Figure 8 shows the pattern when the choke is not used, and Figure 9 shows the pattern when the developed choke is used. It can be seen from the test diagram that the choke improves the front-to-rear ratio of the antenna, and the axial ratio of the antenna is still good, indicating that the antenna has strong ability to resist the multipath effect.

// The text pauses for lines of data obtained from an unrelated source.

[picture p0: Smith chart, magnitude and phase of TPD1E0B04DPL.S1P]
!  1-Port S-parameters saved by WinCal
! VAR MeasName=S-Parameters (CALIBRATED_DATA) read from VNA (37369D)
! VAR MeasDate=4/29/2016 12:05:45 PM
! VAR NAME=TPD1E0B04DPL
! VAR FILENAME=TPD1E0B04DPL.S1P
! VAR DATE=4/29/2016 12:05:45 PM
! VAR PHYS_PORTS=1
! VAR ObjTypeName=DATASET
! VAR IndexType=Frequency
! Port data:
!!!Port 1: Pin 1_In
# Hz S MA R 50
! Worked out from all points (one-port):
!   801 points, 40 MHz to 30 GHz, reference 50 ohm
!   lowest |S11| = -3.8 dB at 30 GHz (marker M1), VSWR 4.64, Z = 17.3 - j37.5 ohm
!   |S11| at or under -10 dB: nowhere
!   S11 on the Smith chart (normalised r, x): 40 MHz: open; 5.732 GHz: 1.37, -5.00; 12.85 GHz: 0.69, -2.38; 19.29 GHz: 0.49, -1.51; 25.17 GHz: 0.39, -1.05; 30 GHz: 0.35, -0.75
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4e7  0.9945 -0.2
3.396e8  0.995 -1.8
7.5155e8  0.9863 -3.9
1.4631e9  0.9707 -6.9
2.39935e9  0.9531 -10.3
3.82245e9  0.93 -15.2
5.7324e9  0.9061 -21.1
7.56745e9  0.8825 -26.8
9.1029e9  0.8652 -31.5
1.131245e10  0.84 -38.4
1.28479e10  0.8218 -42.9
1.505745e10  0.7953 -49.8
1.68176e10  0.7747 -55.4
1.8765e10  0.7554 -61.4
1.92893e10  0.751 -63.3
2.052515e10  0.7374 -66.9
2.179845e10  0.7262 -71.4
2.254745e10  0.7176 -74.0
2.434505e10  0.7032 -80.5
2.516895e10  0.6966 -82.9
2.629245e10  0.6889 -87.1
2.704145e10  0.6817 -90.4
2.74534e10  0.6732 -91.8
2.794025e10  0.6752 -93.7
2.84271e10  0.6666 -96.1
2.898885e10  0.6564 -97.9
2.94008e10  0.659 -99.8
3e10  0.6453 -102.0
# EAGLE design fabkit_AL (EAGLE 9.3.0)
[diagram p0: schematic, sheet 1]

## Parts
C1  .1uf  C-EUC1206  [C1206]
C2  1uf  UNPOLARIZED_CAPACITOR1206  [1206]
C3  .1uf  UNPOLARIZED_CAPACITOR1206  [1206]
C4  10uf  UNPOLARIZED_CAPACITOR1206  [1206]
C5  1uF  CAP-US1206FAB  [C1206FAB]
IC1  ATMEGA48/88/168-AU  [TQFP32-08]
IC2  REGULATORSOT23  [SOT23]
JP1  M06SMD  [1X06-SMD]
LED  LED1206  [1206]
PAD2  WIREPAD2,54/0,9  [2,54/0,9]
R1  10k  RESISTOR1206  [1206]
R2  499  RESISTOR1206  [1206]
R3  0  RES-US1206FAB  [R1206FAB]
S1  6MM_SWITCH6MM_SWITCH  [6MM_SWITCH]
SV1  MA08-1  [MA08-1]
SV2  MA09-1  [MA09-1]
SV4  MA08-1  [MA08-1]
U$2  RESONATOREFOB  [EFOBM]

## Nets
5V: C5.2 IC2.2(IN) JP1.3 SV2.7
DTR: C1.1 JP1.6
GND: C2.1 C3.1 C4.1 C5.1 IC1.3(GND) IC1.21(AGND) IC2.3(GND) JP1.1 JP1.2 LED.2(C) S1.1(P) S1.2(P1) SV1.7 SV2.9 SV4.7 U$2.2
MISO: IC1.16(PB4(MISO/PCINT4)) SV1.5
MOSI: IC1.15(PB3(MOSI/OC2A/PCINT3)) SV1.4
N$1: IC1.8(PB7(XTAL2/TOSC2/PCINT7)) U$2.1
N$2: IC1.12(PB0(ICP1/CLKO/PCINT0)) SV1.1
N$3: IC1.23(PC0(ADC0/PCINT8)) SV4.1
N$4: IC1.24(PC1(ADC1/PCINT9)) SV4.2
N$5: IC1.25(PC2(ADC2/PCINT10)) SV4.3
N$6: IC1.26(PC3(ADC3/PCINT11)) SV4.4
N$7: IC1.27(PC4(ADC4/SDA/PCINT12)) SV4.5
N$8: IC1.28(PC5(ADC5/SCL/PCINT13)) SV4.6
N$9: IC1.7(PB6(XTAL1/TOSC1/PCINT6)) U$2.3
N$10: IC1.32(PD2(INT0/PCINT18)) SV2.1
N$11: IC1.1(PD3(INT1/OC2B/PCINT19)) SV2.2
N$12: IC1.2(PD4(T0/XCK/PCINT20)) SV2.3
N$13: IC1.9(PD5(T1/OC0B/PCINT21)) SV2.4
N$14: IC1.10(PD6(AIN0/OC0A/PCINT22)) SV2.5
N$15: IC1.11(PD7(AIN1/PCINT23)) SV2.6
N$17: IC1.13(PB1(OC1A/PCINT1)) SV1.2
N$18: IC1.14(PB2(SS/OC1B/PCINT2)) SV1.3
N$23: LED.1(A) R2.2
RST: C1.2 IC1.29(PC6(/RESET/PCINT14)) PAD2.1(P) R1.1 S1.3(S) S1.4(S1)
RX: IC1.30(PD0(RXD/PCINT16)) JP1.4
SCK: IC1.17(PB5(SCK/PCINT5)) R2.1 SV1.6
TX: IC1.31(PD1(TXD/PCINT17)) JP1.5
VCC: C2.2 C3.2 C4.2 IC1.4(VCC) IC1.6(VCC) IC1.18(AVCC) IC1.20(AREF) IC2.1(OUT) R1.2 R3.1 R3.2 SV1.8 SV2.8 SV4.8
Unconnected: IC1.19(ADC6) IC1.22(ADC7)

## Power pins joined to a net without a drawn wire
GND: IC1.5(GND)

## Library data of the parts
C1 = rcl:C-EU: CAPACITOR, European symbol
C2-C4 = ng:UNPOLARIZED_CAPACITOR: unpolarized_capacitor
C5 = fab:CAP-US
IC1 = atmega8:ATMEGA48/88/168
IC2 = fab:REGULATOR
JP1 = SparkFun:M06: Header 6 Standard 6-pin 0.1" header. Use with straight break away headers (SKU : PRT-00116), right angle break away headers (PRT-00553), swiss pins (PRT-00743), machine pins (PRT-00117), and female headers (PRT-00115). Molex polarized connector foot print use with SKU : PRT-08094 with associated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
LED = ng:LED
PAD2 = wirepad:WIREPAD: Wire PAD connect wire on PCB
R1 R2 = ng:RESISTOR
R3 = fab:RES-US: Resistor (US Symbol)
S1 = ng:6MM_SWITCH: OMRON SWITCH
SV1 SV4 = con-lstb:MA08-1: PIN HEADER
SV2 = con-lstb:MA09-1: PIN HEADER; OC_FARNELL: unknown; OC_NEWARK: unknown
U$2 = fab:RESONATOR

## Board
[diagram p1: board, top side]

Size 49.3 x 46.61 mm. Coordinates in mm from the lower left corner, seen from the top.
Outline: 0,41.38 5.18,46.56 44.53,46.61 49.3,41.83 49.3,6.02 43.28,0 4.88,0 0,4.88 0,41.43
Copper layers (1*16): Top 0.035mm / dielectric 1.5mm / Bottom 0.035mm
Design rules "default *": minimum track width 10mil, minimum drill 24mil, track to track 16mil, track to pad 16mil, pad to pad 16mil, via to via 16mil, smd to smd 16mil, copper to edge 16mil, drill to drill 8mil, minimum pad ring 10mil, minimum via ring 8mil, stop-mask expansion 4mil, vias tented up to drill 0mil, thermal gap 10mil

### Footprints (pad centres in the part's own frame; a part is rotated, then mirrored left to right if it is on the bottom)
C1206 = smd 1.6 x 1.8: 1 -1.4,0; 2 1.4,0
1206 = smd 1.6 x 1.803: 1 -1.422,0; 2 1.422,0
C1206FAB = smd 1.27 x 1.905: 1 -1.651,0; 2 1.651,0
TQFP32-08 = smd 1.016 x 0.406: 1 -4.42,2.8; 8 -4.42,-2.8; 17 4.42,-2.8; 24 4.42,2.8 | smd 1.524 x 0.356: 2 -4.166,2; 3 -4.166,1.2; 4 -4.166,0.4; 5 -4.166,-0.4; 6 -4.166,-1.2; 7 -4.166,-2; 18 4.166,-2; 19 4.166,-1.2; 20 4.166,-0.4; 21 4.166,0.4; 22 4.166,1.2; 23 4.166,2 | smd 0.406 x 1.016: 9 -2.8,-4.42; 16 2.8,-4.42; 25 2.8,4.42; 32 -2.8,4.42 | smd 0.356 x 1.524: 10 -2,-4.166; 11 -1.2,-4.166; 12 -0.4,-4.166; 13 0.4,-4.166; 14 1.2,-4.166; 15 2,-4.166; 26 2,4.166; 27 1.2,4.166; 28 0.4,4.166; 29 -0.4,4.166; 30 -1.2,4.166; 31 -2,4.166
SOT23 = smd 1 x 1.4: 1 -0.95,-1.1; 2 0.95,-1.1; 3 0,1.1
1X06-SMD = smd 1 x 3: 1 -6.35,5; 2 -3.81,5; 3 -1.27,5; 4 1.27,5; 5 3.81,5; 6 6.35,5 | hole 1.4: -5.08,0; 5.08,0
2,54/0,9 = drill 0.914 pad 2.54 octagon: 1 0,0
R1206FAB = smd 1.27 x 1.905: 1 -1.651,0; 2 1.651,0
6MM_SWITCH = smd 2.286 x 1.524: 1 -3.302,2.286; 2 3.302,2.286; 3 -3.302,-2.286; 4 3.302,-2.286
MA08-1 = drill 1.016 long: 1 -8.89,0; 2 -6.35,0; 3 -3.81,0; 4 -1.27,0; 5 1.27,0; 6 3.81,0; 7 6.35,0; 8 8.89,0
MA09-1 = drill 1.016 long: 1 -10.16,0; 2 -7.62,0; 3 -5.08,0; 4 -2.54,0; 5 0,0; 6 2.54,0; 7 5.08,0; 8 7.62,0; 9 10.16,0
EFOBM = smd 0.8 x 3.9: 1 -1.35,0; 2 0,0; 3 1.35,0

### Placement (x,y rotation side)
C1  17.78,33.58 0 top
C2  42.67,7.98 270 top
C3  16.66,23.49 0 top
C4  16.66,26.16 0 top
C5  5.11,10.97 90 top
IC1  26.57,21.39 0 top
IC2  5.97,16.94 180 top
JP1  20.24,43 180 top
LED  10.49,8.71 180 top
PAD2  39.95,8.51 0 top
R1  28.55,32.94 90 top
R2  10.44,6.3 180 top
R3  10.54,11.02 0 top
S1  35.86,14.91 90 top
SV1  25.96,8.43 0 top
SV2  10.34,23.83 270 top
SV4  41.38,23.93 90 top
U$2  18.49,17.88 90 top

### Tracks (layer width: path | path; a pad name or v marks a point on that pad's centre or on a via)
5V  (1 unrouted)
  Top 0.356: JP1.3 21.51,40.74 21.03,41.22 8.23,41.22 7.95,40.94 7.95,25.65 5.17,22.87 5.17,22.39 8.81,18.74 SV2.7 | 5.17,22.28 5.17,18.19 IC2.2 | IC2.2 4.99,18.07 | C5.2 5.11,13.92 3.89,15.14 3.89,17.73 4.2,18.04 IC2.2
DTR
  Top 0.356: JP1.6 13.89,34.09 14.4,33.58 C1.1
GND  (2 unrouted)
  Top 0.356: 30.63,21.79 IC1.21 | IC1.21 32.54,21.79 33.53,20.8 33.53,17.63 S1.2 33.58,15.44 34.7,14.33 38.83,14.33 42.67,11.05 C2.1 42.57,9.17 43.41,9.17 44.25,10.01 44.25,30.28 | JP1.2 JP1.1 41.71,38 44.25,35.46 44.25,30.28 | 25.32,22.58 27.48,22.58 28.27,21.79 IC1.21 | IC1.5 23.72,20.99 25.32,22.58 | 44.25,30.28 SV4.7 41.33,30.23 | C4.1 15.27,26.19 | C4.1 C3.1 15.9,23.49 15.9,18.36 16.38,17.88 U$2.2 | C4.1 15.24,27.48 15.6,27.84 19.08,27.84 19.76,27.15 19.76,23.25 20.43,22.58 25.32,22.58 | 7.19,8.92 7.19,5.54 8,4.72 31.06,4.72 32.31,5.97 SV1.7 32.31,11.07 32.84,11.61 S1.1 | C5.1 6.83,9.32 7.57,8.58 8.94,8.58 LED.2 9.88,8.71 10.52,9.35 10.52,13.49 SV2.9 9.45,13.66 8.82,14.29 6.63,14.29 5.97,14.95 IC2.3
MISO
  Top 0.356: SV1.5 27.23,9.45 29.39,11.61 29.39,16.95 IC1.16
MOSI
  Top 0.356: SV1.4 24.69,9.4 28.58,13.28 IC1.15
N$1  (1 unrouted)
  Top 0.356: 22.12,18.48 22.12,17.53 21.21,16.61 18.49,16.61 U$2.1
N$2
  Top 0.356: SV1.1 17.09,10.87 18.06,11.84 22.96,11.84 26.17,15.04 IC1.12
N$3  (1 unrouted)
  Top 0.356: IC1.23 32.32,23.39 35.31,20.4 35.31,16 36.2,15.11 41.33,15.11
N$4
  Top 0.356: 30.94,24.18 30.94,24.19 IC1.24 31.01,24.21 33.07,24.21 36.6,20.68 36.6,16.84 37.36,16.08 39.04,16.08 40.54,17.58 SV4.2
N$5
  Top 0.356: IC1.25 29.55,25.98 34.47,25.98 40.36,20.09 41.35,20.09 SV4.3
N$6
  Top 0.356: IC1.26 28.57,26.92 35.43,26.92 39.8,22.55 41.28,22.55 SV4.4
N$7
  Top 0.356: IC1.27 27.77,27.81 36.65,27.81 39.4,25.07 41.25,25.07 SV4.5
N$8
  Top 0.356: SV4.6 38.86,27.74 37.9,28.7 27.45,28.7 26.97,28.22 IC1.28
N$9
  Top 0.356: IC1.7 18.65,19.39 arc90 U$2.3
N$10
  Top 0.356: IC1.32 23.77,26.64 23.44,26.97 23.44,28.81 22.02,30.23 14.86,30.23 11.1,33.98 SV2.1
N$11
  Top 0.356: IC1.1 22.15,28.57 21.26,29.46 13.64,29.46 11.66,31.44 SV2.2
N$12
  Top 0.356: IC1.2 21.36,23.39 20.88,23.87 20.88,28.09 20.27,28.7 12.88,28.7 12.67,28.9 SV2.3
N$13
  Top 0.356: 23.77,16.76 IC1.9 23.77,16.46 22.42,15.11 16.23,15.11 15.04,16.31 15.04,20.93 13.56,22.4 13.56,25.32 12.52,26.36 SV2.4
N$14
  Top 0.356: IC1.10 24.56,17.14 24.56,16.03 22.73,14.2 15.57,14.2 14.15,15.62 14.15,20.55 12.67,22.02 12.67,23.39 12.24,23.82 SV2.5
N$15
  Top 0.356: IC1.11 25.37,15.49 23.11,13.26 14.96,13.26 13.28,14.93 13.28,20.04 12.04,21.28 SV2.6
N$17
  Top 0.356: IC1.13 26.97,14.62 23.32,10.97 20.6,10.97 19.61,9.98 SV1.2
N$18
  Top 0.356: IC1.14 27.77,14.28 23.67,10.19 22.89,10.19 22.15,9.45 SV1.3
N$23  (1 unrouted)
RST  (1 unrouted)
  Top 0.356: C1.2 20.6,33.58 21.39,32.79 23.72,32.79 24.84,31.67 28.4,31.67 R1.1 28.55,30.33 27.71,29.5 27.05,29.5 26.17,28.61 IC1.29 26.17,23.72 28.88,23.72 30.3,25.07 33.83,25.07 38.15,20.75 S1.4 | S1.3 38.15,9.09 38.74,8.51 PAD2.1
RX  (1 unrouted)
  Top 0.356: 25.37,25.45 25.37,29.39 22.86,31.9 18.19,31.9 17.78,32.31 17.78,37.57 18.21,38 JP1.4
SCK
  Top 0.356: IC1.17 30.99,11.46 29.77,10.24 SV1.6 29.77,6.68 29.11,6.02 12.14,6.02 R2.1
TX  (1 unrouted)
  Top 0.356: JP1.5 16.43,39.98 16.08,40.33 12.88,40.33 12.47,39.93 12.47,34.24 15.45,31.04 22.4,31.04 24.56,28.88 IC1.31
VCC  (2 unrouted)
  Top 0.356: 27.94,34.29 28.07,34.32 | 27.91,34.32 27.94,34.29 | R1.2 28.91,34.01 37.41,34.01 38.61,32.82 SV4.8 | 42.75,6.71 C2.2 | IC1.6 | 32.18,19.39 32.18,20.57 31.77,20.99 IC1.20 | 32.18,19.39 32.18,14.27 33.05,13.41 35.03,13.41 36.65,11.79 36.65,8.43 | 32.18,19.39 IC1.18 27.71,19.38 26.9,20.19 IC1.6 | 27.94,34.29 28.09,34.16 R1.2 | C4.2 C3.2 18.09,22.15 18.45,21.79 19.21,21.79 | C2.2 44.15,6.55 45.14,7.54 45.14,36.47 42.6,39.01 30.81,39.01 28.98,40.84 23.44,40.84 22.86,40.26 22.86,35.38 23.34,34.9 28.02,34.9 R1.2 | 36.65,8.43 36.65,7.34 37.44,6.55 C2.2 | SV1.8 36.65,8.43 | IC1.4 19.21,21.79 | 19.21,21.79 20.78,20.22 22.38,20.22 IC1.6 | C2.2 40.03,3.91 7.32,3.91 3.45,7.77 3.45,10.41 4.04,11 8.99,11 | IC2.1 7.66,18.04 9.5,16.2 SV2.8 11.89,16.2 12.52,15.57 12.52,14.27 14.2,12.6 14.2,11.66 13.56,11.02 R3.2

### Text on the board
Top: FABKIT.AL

It is found that in the range of an elevation angle greater than 70°, the measured front-to-back ratio of nine groups is between 25–35 dB and the simulated front-to-back ratio is 28 dB, which are basically consistent. In terms of the axial ratio, the simulation and measured results are highly consistent in the trend, and the symmetry of the measured axial ratio is less than that of the simulation data, which is related to the symmetry of antenna fabrication. Specifically, for the axial ratio at 20° elevation, the measured value is 0.5–1 dB larger, which means that the LHCP gain of the antenna itself is very low, the received LHCP signal is very weak, and the noise in the measured environment will greatly affect the reception of LHCP waves. Thus, the measured LHCP gain is too large, so is the shaft ratio.

4. Conclusion

Through simulation and comprehensive measurement, the effects of different complementary trapezoidal structure parameters on the antenna pattern, FBR, and AR are found. By making and testing the choke, the results show that the choke meets the requirements of high-precision measurement of the GNSS antenna for anti-multipath ability and maintains good axial ratio performance.

Data Availability

The measurement data used to support the findings of this study are included within the article.

Conflicts of Interest

The authors declare that they have no conflicts of interest.


This work was supported in part by the Research on Key Technologies of Accurate Positioning of BINGTUAN Transportation Key Vehicles and Infrastructure Based on BeiDou under Grant 2108AB028 and the Project of Young YuYou of the North China University of Technology, 2018.